Cerling, helped by James Ehleringer and Christopher Remien (two University of Utah colleagues), George Wittemyer of Colorado State University and member of "Save the Elephants" in Nairobi, and Iain Douglas-Hamilton, who founded the association "Save the Elephants", conducted a research around the Samburu and Buffalo Springs national reserves in northern Kenya analyzing carbon and other stable isotopes in elephant tail hair to discover where and what Victoria, Anastasia and Cleopatra, three daughters of a mother elephant named Queen Elizabeth, usually eat over a six-years period (2000–2006). In order to monitor their life, the elephants were equipped with a Global Positioning System that recorded their positions every hour for the whole research period. For getting the sample of tail hair, elephants were immobilized with drug-filled dart guns when necessary. Considering that the hair grows about an inch per month, a single hair contained isotopic information to diet during an 18-month period.

The analysis of ratios of carbon-13 to carbon-12 along the length of a single elephant hair led Cerling and his crew to understand the elephants' diet. During the wet season, after the grass had grown long enough for elephants to grab with their trunks, their tail hair showed the presence of different form of carbon, indicating a high amount of high-protein grass. On the other hand, during the dry season, the results obtained by the analysis of the hair pointed out how elephants had switched over to shrubs and trees. All these analyses pointed out even that there are some elephant families friendlier than others and showed how there are dominant families that settle down in the best places, where there is plenty of food and water.

==Recognition==
In 2025, Cerling was awarded the Penrose Medal of the Geological Society of America, which is the senior medal of the society. The award was in recognition of Cerling's pioneering use of soil carbonates for paleoclimate reconstruction.

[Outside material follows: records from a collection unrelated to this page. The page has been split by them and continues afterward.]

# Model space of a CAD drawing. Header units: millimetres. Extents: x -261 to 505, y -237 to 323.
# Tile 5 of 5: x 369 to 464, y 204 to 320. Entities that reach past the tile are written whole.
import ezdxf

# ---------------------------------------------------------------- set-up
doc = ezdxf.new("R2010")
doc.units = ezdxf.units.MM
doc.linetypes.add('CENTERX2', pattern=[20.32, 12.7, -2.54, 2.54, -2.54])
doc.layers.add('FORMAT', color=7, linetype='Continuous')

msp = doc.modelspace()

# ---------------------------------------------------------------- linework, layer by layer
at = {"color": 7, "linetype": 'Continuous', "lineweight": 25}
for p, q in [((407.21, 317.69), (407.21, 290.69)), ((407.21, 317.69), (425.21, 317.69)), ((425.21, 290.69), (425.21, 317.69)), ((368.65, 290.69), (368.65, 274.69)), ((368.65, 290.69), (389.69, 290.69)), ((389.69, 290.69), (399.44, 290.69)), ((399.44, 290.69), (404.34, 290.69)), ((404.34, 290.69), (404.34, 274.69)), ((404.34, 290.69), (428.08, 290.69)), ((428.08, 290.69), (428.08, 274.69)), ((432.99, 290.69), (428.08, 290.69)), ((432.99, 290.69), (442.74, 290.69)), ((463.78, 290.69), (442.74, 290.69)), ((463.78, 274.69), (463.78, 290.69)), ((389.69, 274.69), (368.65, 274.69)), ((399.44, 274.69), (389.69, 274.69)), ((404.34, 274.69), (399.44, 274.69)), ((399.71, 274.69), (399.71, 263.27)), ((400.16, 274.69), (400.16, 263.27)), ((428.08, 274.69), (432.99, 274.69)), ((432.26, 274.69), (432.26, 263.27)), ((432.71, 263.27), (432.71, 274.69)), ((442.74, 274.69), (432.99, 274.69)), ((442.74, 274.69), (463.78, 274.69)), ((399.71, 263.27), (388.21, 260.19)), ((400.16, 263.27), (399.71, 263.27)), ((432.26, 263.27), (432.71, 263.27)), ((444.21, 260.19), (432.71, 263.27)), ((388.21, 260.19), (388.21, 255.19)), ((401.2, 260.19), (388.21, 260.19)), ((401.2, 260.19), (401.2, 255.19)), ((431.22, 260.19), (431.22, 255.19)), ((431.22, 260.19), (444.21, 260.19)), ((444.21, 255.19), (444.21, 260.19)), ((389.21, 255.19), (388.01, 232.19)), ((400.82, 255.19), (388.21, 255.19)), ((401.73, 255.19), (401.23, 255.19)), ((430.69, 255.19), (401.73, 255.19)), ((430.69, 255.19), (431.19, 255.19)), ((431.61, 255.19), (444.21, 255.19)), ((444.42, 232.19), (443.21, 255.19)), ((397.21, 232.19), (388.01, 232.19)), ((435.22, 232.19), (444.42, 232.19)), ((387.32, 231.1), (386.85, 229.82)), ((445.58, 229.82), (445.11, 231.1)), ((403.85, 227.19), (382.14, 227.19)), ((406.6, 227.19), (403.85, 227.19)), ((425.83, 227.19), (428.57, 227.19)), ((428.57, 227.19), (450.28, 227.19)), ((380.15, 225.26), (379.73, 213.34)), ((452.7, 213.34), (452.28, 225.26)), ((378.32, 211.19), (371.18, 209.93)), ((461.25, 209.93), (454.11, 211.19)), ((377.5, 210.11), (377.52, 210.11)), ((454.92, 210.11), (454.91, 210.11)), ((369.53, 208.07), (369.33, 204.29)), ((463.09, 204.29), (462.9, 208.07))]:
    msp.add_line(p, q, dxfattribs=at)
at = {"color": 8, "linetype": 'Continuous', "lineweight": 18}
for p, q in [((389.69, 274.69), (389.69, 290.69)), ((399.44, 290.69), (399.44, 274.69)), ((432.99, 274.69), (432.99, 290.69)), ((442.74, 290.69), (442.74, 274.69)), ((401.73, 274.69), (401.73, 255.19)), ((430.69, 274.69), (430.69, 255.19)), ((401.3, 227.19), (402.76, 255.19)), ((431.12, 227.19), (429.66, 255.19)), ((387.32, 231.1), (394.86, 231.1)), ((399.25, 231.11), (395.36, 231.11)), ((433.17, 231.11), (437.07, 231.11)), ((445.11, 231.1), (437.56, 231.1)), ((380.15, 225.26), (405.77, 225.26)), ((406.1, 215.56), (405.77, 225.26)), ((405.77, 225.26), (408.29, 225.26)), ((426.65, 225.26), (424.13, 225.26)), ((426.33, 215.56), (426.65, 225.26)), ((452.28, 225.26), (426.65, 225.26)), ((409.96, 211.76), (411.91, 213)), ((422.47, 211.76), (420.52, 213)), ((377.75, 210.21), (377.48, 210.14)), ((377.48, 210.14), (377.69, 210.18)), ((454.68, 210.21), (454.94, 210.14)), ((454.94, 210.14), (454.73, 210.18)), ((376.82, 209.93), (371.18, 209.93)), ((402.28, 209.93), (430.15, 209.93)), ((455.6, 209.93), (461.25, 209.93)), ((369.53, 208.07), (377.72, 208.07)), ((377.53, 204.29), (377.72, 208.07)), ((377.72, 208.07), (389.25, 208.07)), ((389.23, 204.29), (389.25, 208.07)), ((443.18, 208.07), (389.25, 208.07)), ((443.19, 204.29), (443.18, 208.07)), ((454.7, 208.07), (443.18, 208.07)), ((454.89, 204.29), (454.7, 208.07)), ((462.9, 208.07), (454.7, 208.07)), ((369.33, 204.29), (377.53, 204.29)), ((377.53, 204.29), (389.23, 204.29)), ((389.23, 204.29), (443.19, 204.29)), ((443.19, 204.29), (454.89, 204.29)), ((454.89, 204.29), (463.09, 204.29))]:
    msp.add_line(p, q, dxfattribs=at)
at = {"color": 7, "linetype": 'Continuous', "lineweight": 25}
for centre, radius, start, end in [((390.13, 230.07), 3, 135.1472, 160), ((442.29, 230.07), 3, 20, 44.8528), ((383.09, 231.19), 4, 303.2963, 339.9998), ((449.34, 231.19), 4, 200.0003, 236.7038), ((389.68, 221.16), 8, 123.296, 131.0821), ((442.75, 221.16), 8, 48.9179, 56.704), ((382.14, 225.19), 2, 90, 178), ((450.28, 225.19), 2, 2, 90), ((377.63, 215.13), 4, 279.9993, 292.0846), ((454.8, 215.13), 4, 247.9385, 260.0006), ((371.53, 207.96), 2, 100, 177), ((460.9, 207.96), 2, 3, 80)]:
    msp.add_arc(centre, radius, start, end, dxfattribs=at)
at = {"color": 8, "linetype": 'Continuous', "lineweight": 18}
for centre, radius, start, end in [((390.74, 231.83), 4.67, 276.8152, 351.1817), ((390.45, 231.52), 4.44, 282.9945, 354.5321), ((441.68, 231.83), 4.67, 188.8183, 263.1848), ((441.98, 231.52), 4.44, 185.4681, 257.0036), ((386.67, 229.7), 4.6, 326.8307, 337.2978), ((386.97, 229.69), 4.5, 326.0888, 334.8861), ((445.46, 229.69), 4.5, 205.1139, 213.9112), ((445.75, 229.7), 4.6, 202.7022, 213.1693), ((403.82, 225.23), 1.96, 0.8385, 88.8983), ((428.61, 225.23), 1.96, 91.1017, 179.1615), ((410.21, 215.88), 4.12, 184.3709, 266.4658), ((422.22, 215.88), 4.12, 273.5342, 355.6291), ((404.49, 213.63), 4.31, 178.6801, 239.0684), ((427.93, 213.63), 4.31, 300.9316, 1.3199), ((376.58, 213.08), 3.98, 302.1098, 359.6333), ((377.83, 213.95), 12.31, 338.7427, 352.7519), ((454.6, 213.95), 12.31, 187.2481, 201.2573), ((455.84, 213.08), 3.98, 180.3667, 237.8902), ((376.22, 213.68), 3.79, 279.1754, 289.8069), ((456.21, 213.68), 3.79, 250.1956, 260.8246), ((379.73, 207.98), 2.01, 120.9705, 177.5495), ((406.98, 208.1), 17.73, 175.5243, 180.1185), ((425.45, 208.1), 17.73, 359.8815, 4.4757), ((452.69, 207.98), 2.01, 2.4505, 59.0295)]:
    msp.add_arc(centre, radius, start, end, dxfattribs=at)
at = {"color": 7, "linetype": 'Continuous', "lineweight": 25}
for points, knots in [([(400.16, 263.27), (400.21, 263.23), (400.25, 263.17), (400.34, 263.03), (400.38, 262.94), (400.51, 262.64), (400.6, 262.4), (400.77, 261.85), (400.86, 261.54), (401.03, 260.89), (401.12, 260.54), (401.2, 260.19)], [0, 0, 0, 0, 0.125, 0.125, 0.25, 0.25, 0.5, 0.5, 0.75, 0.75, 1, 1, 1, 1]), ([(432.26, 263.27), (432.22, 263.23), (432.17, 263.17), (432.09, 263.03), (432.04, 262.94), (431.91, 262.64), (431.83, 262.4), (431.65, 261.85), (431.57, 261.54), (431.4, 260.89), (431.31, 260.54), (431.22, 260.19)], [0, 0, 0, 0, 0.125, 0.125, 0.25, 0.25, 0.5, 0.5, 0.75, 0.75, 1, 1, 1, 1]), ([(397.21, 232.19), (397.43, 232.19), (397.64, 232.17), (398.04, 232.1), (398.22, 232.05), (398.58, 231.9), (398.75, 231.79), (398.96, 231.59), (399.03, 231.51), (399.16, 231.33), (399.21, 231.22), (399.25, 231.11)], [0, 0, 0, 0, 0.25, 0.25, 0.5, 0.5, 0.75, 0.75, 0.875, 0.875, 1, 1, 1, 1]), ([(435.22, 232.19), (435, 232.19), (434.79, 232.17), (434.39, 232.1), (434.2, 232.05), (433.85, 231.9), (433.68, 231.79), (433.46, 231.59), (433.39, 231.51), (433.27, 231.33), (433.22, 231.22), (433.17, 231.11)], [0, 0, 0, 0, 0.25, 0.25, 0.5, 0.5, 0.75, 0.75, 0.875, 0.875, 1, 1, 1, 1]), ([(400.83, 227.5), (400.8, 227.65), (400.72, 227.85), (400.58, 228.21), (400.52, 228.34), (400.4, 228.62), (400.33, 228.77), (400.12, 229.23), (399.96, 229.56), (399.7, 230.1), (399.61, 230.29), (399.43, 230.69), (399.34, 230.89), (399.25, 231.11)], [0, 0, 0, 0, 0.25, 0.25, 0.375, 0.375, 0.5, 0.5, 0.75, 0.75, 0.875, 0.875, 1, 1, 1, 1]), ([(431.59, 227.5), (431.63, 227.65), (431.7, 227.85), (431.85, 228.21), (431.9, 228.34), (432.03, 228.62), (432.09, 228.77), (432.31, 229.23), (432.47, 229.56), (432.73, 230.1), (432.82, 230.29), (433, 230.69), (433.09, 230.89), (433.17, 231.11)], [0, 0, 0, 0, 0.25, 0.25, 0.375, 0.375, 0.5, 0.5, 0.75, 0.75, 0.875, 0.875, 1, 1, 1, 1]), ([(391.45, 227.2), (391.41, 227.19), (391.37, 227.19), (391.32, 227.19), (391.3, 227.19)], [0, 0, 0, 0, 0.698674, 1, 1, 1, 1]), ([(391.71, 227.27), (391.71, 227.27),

== Selected publications==

- Cerling, T. E. (1993). "Expansion of C_{4} ecosystems as an indicator of global ecological change in the late Miocene"
- Cerling, T. E. (1997). "Global vegetation change through the Miocene/Pliocene boundary"
- Ehleringer, J. R. (2008). "Hydrogen and oxygen isotope ratios in human hair are related to geography"
- Cerling, T. E. (1999). "Browsing and Grazing in Elephants: The Isotope Record of Modern and Fossil Proboscideans"
- Thure Cerling; Iain Douglas-Hamilton; Lee Siegel: "Elephant Tracks" University of Utah News Release, January 2, 2006.